Charles Bradley, No Time For Dreaming

Posted on May 9, 2011 by

Artist: Charles Bradley
Title: No Time For Dreaming
Label: Dunham 1001
Released: January 25, 2011
Genre: Neo-Soul

At 63 years of age, Charles Bradley still purveys raw talent. His vocal approach is often compared to James Brown and Wilson Pickett’s painfully exposed delivery, but those men defined it as a style. I believe Bradley does it this way because it is the only way he knows how.

Backed by the Daptone stable of thoroughbreds, horses and mules, the album trots along soul soundscapes that blend Memphis, Detroit and New York, never pegging anyone of them perfectly, thus creating the Daptone sound. At times they also reveal their hip-hop influences, with precision beats that sound as if they were sampled and looped. (This is more apparent listening to the tracks as mp3s than on vinyl. Maybe it is just a product of the format.)

“How Long” tracks like “It’s a Man’s Man’s World,” but the strange reverb in the opening is straight out of Blacksploitation flicks of the 70s. “Heartaches and Pain” the gem of the album is the closest Bradley and band comes to pulling off a straight representation of 60s soul, with its social commentary and honest tribute to a sound. (And kudos to the background vocalists throughout the album.)

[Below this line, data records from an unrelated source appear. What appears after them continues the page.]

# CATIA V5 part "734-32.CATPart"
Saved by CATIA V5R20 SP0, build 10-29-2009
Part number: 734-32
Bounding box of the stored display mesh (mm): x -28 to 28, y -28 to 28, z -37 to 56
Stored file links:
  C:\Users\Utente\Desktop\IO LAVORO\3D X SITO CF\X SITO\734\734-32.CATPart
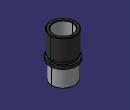
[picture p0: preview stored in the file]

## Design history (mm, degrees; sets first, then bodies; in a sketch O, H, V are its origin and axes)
Set1
  DatumSurface1 to DatumSurface25 "734-32"
Body1 (main body)
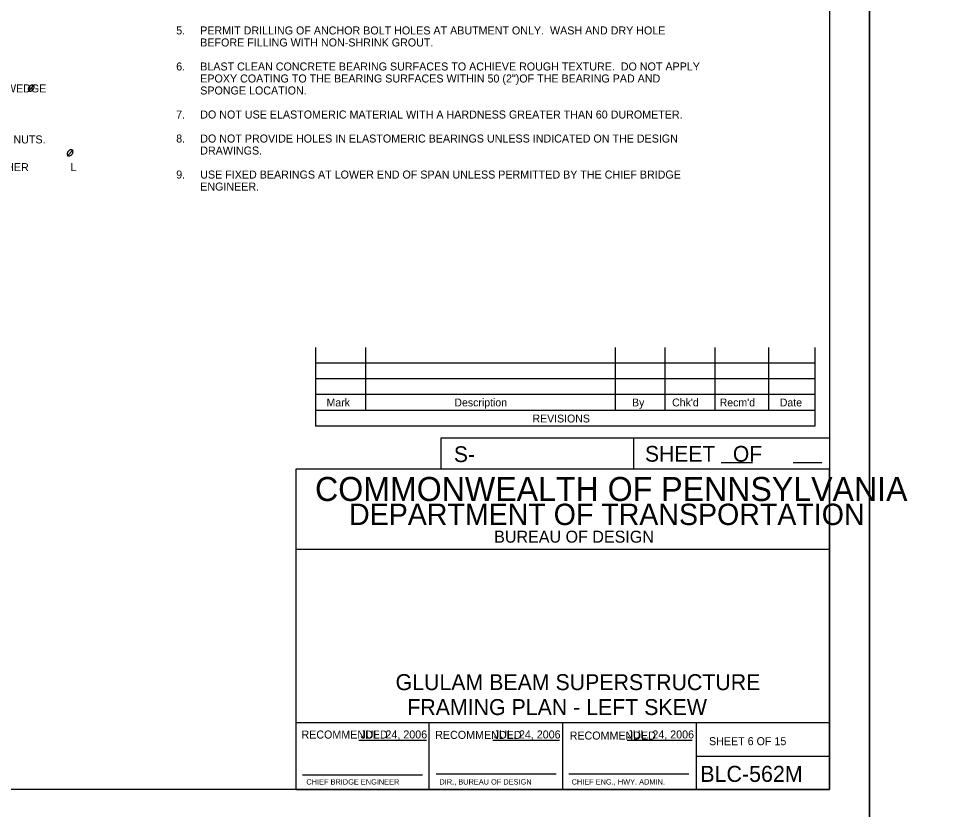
# Model space of a CAD drawing. Extents: x 638263 to 640360, y 293683 to 298655.
# Drawn here: x 638957.6 to 639303.1, y 294879 to 295175.4 of the extents above; entities that cross this region are included whole.
import ezdxf

# ---------------------------------------------------------------- set-up
doc = ezdxf.new("R2010")
doc.units = 0
for name, color, linetype in [('2', 7, 'Continuous'), ('4', 7, 'Continuous'), ('PLT-BNDY', 7, 'Continuous')]:
    doc.layers.add(name, color=color, linetype=linetype)

msp = doc.modelspace()

# ---------------------------------------------------------------- linework, layer by layer
at = {"layer": '2'}
for p, q in [((639261.46, 295450.46), (639261.46, 294886.46)), ((639068.92, 295052.15), (639068.92, 295022.62)), ((639087.62, 295052.15), (639087.62, 295028.53)), ((639181.13, 295052.15), (639181.13, 295028.53)), ((639199.83, 295052.15), (639199.83, 295028.53)), ((639218.53, 295052.15), (639218.53, 295028.53)), ((639238.59, 295052.15), (639238.59, 295028.53)), ((639255.94, 295052.15), (639255.94, 295022.62)), ((639255.94, 295046.24), (639068.92, 295046.24)), ((639255.94, 295040.34), (639068.92, 295040.34)), ((639255.94, 295034.43), (639068.92, 295034.43)), ((639255.94, 295028.53), (639068.92, 295028.53)), ((639255.94, 295022.62), (639068.92, 295022.62)), ((639261.46, 295018.11), (639115.78, 295018.11)), ((639115.78, 295018.11), (639115.78, 295006.46)), ((639188.09, 295018.11), (639188.09, 295006.46)), ((639220.95, 295009), (639232.6, 295009)), ((639247.83, 295009), (639258.56, 295009)), ((639261.46, 295006.46), (639061.46, 295006.46)), ((639061.46, 295006.46), (639061.46, 294886.46)), ((639261.46, 294886.46), (639261.46, 295006.46)), ((639261.46, 294976.46), (639061.46, 294976.46)), ((639261.46, 294911.46), (639061.46, 294911.46)), ((639111.46, 294886.46), (639111.46, 294911.46)), ((639161.46, 294911.46), (639161.46, 294886.46)), ((639211.46, 294911.46), (639211.46, 294886.46)), ((639085.11, 294904.94), (639110.49, 294904.94)), ((639135.38, 294904.94), (639160.27, 294904.94)), ((639185.65, 294904.94), (639210.06, 294904.94)), ((639211.46, 294898.96), (639261.46, 294898.96)), ((639063.96, 294891.96), (639108.96, 294891.96)), ((639114.08, 294892.33), (639159.08, 294892.33)), ((639163.83, 294892.33), (639208.83, 294892.33)), ((639261.46, 294886.46), (638475.46, 294886.46)), ((639061.46, 294886.46), (639261.46, 294886.46))]:
    msp.add_line(p, q, dxfattribs=at)
at = {"layer": '4'}
for p, q in [((638961.19, 295147.98), (638963.43, 295150.43)), ((638975.77, 295123.74), (638978.01, 295126.19))]:
    msp.add_line(p, q, dxfattribs=at)
for points in [[(638963.2, 295150.19), (638963.02, 295150.32), (638962.85, 295150.37), (638962.63, 295150.39), (638962.5, 295150.39), (638962.29, 295150.34), (638962.09, 295150.25), (638961.95, 295150.17), (638961.69, 295149.96), (638961.48, 295149.69), (638961.35, 295149.44), (638961.28, 295149.21), (638961.26, 295148.99), (638961.28, 295148.81), (638961.37, 295148.54), (638961.47, 295148.41), (638961.66, 295148.26), (638961.95, 295148.19), (638962.28, 295148.2), (638962.7, 295148.39), (638963, 295148.66), (638963.23, 295148.97), (638963.38, 295149.31), (638963.43, 295149.67), (638963.37, 295149.91), (638963.21, 295150.19)], [(638977.78, 295125.95), (638977.6, 295126.09), (638977.42, 295126.14), (638977.21, 295126.16), (638977.08, 295126.16), (638976.87, 295126.11), (638976.67, 295126.02), (638976.53, 295125.94), (638976.27, 295125.73), (638976.06, 295125.46), (638975.93, 295125.21), (638975.86, 295124.97), (638975.84, 295124.76), (638975.86, 295124.57), (638975.95, 295124.31), (638976.05, 295124.17), (638976.24, 295124.03), (638976.53, 295123.96), (638976.86, 295123.97), (638977.28, 295124.16), (638977.58, 295124.42), (638977.81, 295124.74), (638977.96, 295125.07), (638978.01, 295125.44), (638977.94, 295125.67), (638977.79, 295125.95)]]:
    msp.add_spline(points, degree=3, dxfattribs=at)
at = {"layer": 'PLT-BNDY'}
for points in [[(638435.46, 295465.46), (639276.46, 295465.46), (639276.46, 294871.46), (638435.46, 294871.46)], [(639276.46, 295465.46), (640117.46, 295465.46), (640117.46, 294871.46), (639276.46, 294871.46)]]:
    msp.add_lwpolyline(points, close=True, dxfattribs=at)

# ---------------------------------------------------------------- texts
at = {"layer": '2'}
for s, height, p in [('Mark', 2.952, (639073.02, 295030.03)), ('Description', 2.9523, (639120.92, 295030.03)), ('By', 2.952, (639187.49, 295030.03)), ("Chk'd", 2.952, (639202.52, 295030.03)), ("Recm'd", 2.953, (639220.33, 295030.03)), ('Date', 2.952, (639242.86, 295030.03)), ('REVISIONS', 2.952, (639150.2, 295024.01)), ('S-', 5.905, (639120.73, 295009.17)), ('COMMONWEALTH OF PENNSYLVANIA', 9, (639068.71, 294994.58)), ('DEPARTMENT OF TRANSPORTATION', 8.0002, (639081.46, 294985.58)), ('BUREAU OF DESIGN', 4.5, (639135.83, 294978.96)), ('FRAMING PLAN - LEFT SKEW', 5.9728, (639103.29, 294914.37)), ('RECOMMENDED', 3, (639063.61, 294905.57)), ('JUL. 24, 2006', 3, (639085.74, 294905.6)), ('RECOMMENDED', 3, (639113.74, 294905.44)), ('JUL. 24, 2006', 3, (639135.74, 294905.6)), ('RECOMMENDED', 3, (639164.11, 294905.19)), ('JUL. 24, 2006', 3, (639185.74, 294905.6)), ('SHEET 6 OF 15', 3, (639216.33, 294903.08)), ('BLC-562M', 6, (639213.08, 294889.33)), ('CHIEF BRIDGE ENGINEER', 2.0002, (639065.46, 294888.33)), ('DIR., BUREAU OF DESIGN', 2.0002, (639115.33, 294888.33)), ('CHIEF ENG., HWY. ADMIN.', 2.0002, (639164.83, 294888.33))]:
    msp.add_text(s, height=height, dxfattribs=at).set_placement(p)
msp.add_text('SHEET   OF', height=5.907, rotation=360, dxfattribs=at).set_placement((639192.35, 295009.31))
at = {"layer": '4'}
for s, height, p in [('5.', 3, (639016.68, 295169.41)), ('PERMIT DRILLING OF ANCHOR BOLT HOLES AT ABUTMENT ONLY.  WASH AND DRY HOLE', 3, (639025.68, 295169.41)), ('BEFORE FILLING WITH NON-SHRINK GROUT.', 3, (639025.68, 295164.91)), ('6.', 3, (639016.68, 295155.91)), ('BLAST CLEAN CONCRETE BEARING SURFACES TO ACHIEVE ROUGH TEXTURE.  DO NOT APPLY', 3, (639025.68, 295155.91)), ('EPOXY COATING TO THE BEARING SURFACES WITHIN 50 (2")OF THE BEARING PAD AND', 3, (639025.68, 295151.41)), ('FOR CONC. ABUT. USE: 38.1 (1 1/2")  STEEL SWEDGE', 3, (638865.19, 295147.69)), ('SPONGE LOCATION.', 3, (639025.68, 295146.91)), ('7.', 3, (639016.68, 295137.91)), ('DO NOT USE ELASTOMERIC MATERIAL WITH A HARDNESS GREATER THAN 60 DUROMETER.', 3, (639025.68, 295137.91)), ('TURN AND PEEN BOLT THREADS AT FACE OF NUTS.', 3, (638865.19, 295128.57)), ('8.', 3, (639016.68, 295128.91)), ('DO NOT PROVIDE HOLES IN ELASTOMERIC BEARINGS UNLESS INDICATED ON THE DESIGN', 3, (639025.68, 295128.91)), ('DRAWINGS.', 3, (639025.68, 295124.41)), ('305 (1\'-0") LONG LAG SCREW, 10 (3/8") P WASHER', 3, (638865.29, 295118.18)), ('L', 3, (638977.11, 295118.18)), ('9.', 3, (639016.68, 295115.41)), ('USE FIXED BEARINGS AT LOWER END OF SPAN UNLESS PERMITTED BY THE CHIEF BRIDGE ', 3, (639025.68, 295115.41)), ('ENGINEER.', 3, (639025.68, 295110.91)), ('GLULAM BEAM SUPERSTRUCTURE', 5.9728, (639098.89, 294923.71))]:
    msp.add_text(s, height=height, dxfattribs=at).set_placement(p)

doc.saveas('drawing.dxf')

Bradley’s range is limited but he makes up for it with timely screams and gritty extended notes. Sometimes the band gets in the way with some busy production, sounding like they are trying to distract us from other shortcomings. Maybe it was the theory that his raw voice needed to be balanced by layered arrangements. Sometimes polishing isn’t needed to appreciate the value of natural resources. Daptone has a soul mine in Bradley, let’s see how they use it.